Edit: Izzy Kaminska recently had a, as always, solid and less snarky summary at https://www.financialsense.com/blog/21379/redollarization-an...
rhubarbtree|5 months ago
The bonds are sold en masse, and the value of those bonds will be hit, driving up gov borrowing costs (plus they just lost a source of demand), meaning the stablecoin “bank” could be bankrupt, right?
With stable coins you’re really trusting a private company to invest your money in a way that is robust to a drop in confidence. Isn’t this high risk?

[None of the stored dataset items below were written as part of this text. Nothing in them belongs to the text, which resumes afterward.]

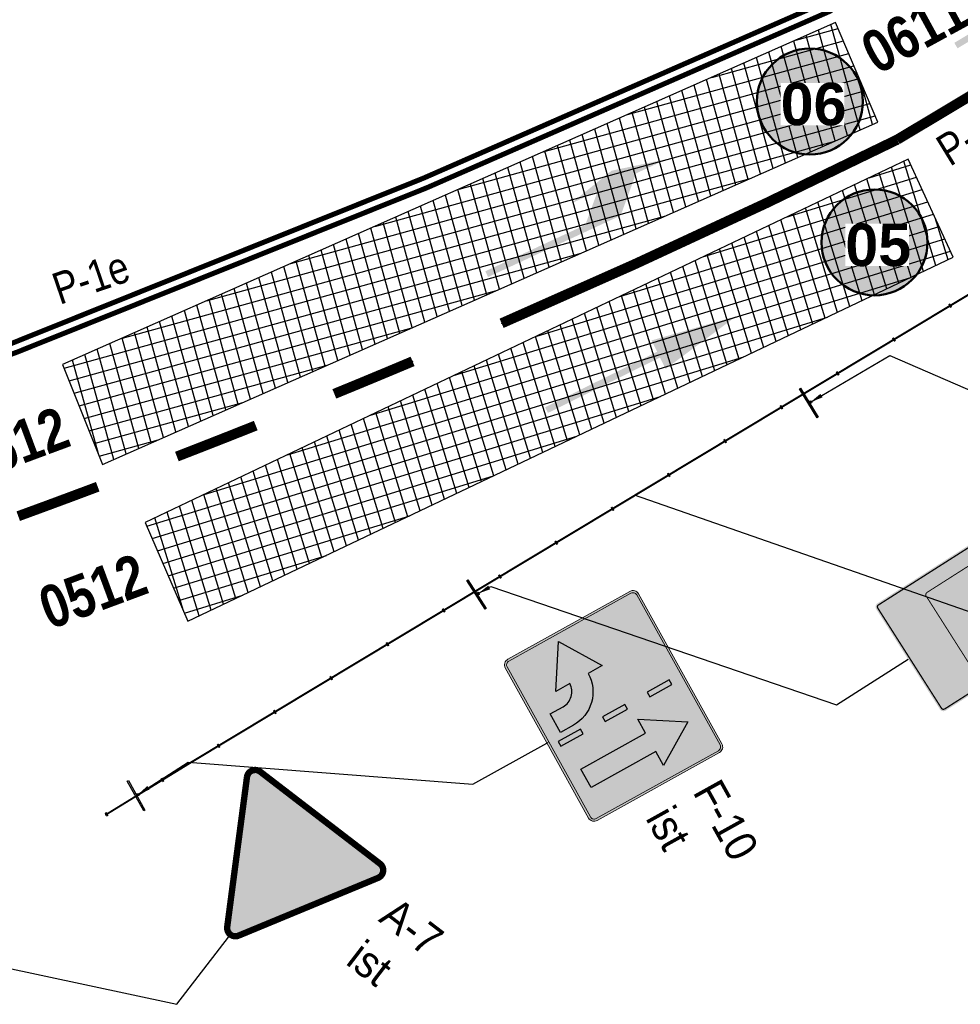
# Model space of a CAD drawing. Header units: metres. Extents: x 0 to 6473088, y 4 to 5822767.
# Tile 4 of 20: x 6472939 to 6472961, y 5822598 to 5822622. Entities that reach past the tile are written whole.
import ezdxf
from ezdxf.enums import TextEntityAlignment as Align

# ---------------------------------------------------------------- set-up
doc = ezdxf.new("R2010")
doc.units = ezdxf.units.M
for name, color, linetype in [('IR - numery grup sygnałowych', 6, 'Continuous'), ('MT IR - detekcja wirtualna kamery opisy', 7, 'Continuous'), ('MT IR - oznakowanie pionowe', 7, 'Continuous'), ('MT IR - oznakowanie poziome istniejące', 8, 'Continuous'), ('MT IR - oznakowanie poziome opisy', 7, 'Continuous'), ('zzz.gaHSDomyslna', 7, 'Continuous'), ('zzz.gaUbdef', 7, 'Continuous'), ('zzz.gaUbOs', 7, 'Continuous'), ('zzz.gaVSDodTekst', 7, 'Continuous'), ('zzz.gaVSDomyslna', 7, 'Continuous'), ('zzz.gaVSNazwa', 7, 'Continuous'), ('zzz.gaVSStan', 7, 'Continuous'), ('zzz.gaVSWielkość', 7, 'Continuous')]:
    doc.layers.add(name, color=color, linetype=linetype)
for name, color, linetype, lineweight in [('MT IR - detekcja indukcyjna istniejąca', 7, 'Continuous', 30), ('MT IR - detekcja wirtualna kamery pojazdy', 114, 'Continuous', 30), ('MT IR - numery grup sygnałowych', 6, 'Continuous', 30)]:
    doc.layers.add(name, color=color, linetype=linetype, lineweight=lineweight)
doc.styles.add('GA-ATR-TEXT', font='arial.ttf', dxfattribs={"width": 0.9})
doc.styles.add('MT - bold Arial', font='arialbd.ttf')
doc.styles.add('MT - bold Arial Narrow', font='ARIALNB.TTF')
doc.styles.add('Nagłówek_10mm_Ga', font='arialbd.ttf', dxfattribs={"height": 1})
doc.styles.add('Opis poziomego', font='ARIALN.TTF')
doc.styles.get("Standard").update_dxf_attribs({"font": 'arial.ttf'})
doc.dimstyles.new('GA-LEADER', dxfattribs={"dimtxt": 1, "dimasz": 1, "dimexe": 1, "dimexo": 1, "dimgap": 1, "dimtad": 1, "dimtxsty": 'Standard', "dimcen": 1, "dimadec": 0, "dimazin": 0, "dimtfac": 1, "dimtmove": 0, "dimatfit": 3, "dimfxl": 1, "dimarcsym": 0})

# ---------------------------------------------------------------- blocks, each defined once
blk = doc.blocks.new('*U33880')
blk.add_hatch(color=8).paths.add_polyline_path([(0.525, 3.45), (-0.225, 4.2), (-0.225, 5), (-0.525, 3.7), (-0.225, 2.5), (-0.225, 3.2), (0.375, 2.6), (0.375, 0), (0.525, 0)])
blk = doc.blocks.new('gaHSPos')
at = {"color": 0, "linetype": 'Continuous', "lineweight": 0}
blk.add_point((0, 0), dxfattribs=at)
blk = doc.blocks.new('*U33906')
at = {"layer": 'zzz.gaHSDomyslna', "color": 8}
for points in [[(-29.044, -11.52, 0.12, 0.12, 0.02348), (-0.05, 0.109, 0.12, 0.12, 0)], [(-28.965, -11.746, 0.12, 0.12, 0.02348), (0.05, -0.109, 0.12, 0.12, 0)]]:
    blk.add_lwpolyline(points, format="xyseb", dxfattribs=at)
at = {"color": 8}
for p in [(0, 0), (-29.005, -11.633)]:
    blk.add_blockref('gaHSPos', p, dxfattribs=at)
blk = doc.blocks.new('*U33912')
at = {"layer": 'zzz.gaHSDomyslna', "color": 8}
blk.add_lwpolyline([(0, 0, 0.24, 0.24, 0), (-9.326, -5.584, 0.24, 0.24, 0)], format="xyseb", dxfattribs=at)
at = {"color": 8}
for p in [(0, 0), (-9.326, -5.584)]:
    blk.add_blockref('gaHSPos', p, dxfattribs=at)
blk = doc.blocks.new('*U33913')
at = {"layer": 'zzz.gaHSDomyslna', "color": 8}
blk.add_lwpolyline([(0, 0, 0.24, 0.24, -0.012547), (-9.337, -4.334, 0.24, 0.24, 0)], format="xyseb", dxfattribs=at)
at = {"color": 8}
for p in [(0, 0), (-9.337, -4.334)]:
    blk.add_blockref('gaHSPos', p, dxfattribs=at)
blk = doc.blocks.new('*U33914')
at = {"layer": 'zzz.gaHSDomyslna', "color": 8}
for points in [[(0, 0, 0.24, 0.24, -0.002437), (-1.847, -0.767, 0.24, 0.24, 0)], [(-3.702, -1.515, 0.24, 0.24, -0.002437), (-5.564, -2.246, 0.24, 0.24, 0)], [(-7.432, -2.958, 0.24, 0.24, -0.002437), (-9.308, -3.653, 0.24, 0.24, 0)]]:
    blk.add_lwpolyline(points, format="xyseb", dxfattribs=at)
at = {"color": 8}
blk.add_blockref('gaHSPos', (0, 0), dxfattribs=at)
blk = doc.blocks.new('*U33881')
blk.add_hatch(color=8).paths.add_polyline_path([(0, 5), (-0.375, 2.95), (-0.075, 2.95), (-0.075, 0), (0.075, 0), (0.075, 2.95), (0.375, 2.95)])
blk = doc.blocks.new('A$C6DB17DEF')
at = {"layer": 'IR - numery grup sygnałowych', "lineweight": 30, "true_color": 0xffffff}
h = blk.add_hatch(color=7, dxfattribs=at)
h.dxf.hatch_style = 1
h.paths.add_polyline_path([(0, 1.25, 1), (2.5, 1.25, 1)])
at = {"layer": 'IR - numery grup sygnałowych', "lineweight": 50}
blk.add_circle((1.25, 1.25), 1.25, dxfattribs=at)
blk = doc.blocks.new('gaVScolumn0')
at = {"color": 0, "linetype": 'ByBlock', "lineweight": -2}
blk.add_line((0, 0), (0, 400), dxfattribs=at)
at = {"color": 7, "style": 'GA-ATR-TEXT', "width": 0.9}
blk.add_attdef('X2', text='', height=150, dxfattribs=at).set_placement((-50, 0), align=Align.BOTTOM_RIGHT)
blk = doc.blocks.new('*U34429')
at = {"layer": 'zzz.gaVSDomyslna', "color": 251, "linetype": 'Continuous', "lineweight": 0, "true_color": 0x4c4c4c, "const_width": 30}
blk.add_lwpolyline([(356.469, 710.423), (-356.469, 710.423, 0.563712), (-391.037, 653.297), (-33.775, 34.5, 0.563661), (32.9409, 33.1218), (390.215, 651.94, 0.577186), (356.469, 710.423)], format="xyb", close=True, dxfattribs=at)
blk = doc.blocks.new('*U34430')
at = {"layer": 'zzz.gaVSDomyslna', "linetype": 'Continuous', "lineweight": 0, "true_color": 0xe2e2e2}
h = blk.add_hatch(color=254, dxfattribs=at)
h.dxf.hatch_style = 1
h.paths.add_polyline_path([(0, 695.423), (-356.469, 695.423, 0.262443), (-377.021, 683.837, 0.259425), (-377.874, 660.497), (-19.9889, 40.6218, 0.279187), (-0.646341, 29.9873, 0.229204), (20.2988, 41.2251), (378.047, 660.797, 0.284586), (377.352, 683.315, 0.237857), (356.126, 695.423)])
at = {"layer": 'zzz.gaVSDomyslna', "color": 254, "linetype": 'Continuous', "lineweight": 0, "true_color": 0xe2e2e2}
blk.add_point((0, 0), dxfattribs=at)
blk = doc.blocks.new('*U34432')
at = {"layer": 'zzz.gaVSDomyslna', "color": 251, "true_color": 0x4c4c4c}
blk.add_blockref('*U34429', (0, 0), dxfattribs=at)
at = {"layer": 'zzz.gaVSDomyslna', "color": 254, "true_color": 0xe2e2e2}
blk.add_blockref('*U34430', (0, 0), dxfattribs=at)
blk = doc.blocks.new('*U34428')
at = {"layer": 'zzz.gaVSDomyslna'}
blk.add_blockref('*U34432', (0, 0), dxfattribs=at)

If a coin gets large enough, is it a threat to government solvency?
brunohaid|5 months ago
But I guess we will find out in a 2027 Bessent presser announcing the Fed stepping in.
More serious answer: the bigger risk is trusting SV types to be content with a couple of percent in spread, and not starting to pull all kind of shenanigans to juice returns to a point where it becomes much harder to bail them out vs just taking back the treasuries.
US government solvency seems, as crazy as it sounds, less of an issue, as evidenced by the brief tantrums with absolutely no real effects beyond a couple of protesting headlines in the recent months. Where else are people around the world going to put their money? But as gifted as the current gov crew is at turning privilege into disaster, we're probably going to find out soon enough if there are any actual limits to that.
m00dy|5 months ago
Second, Tether is not a regulated stablecoin in United States.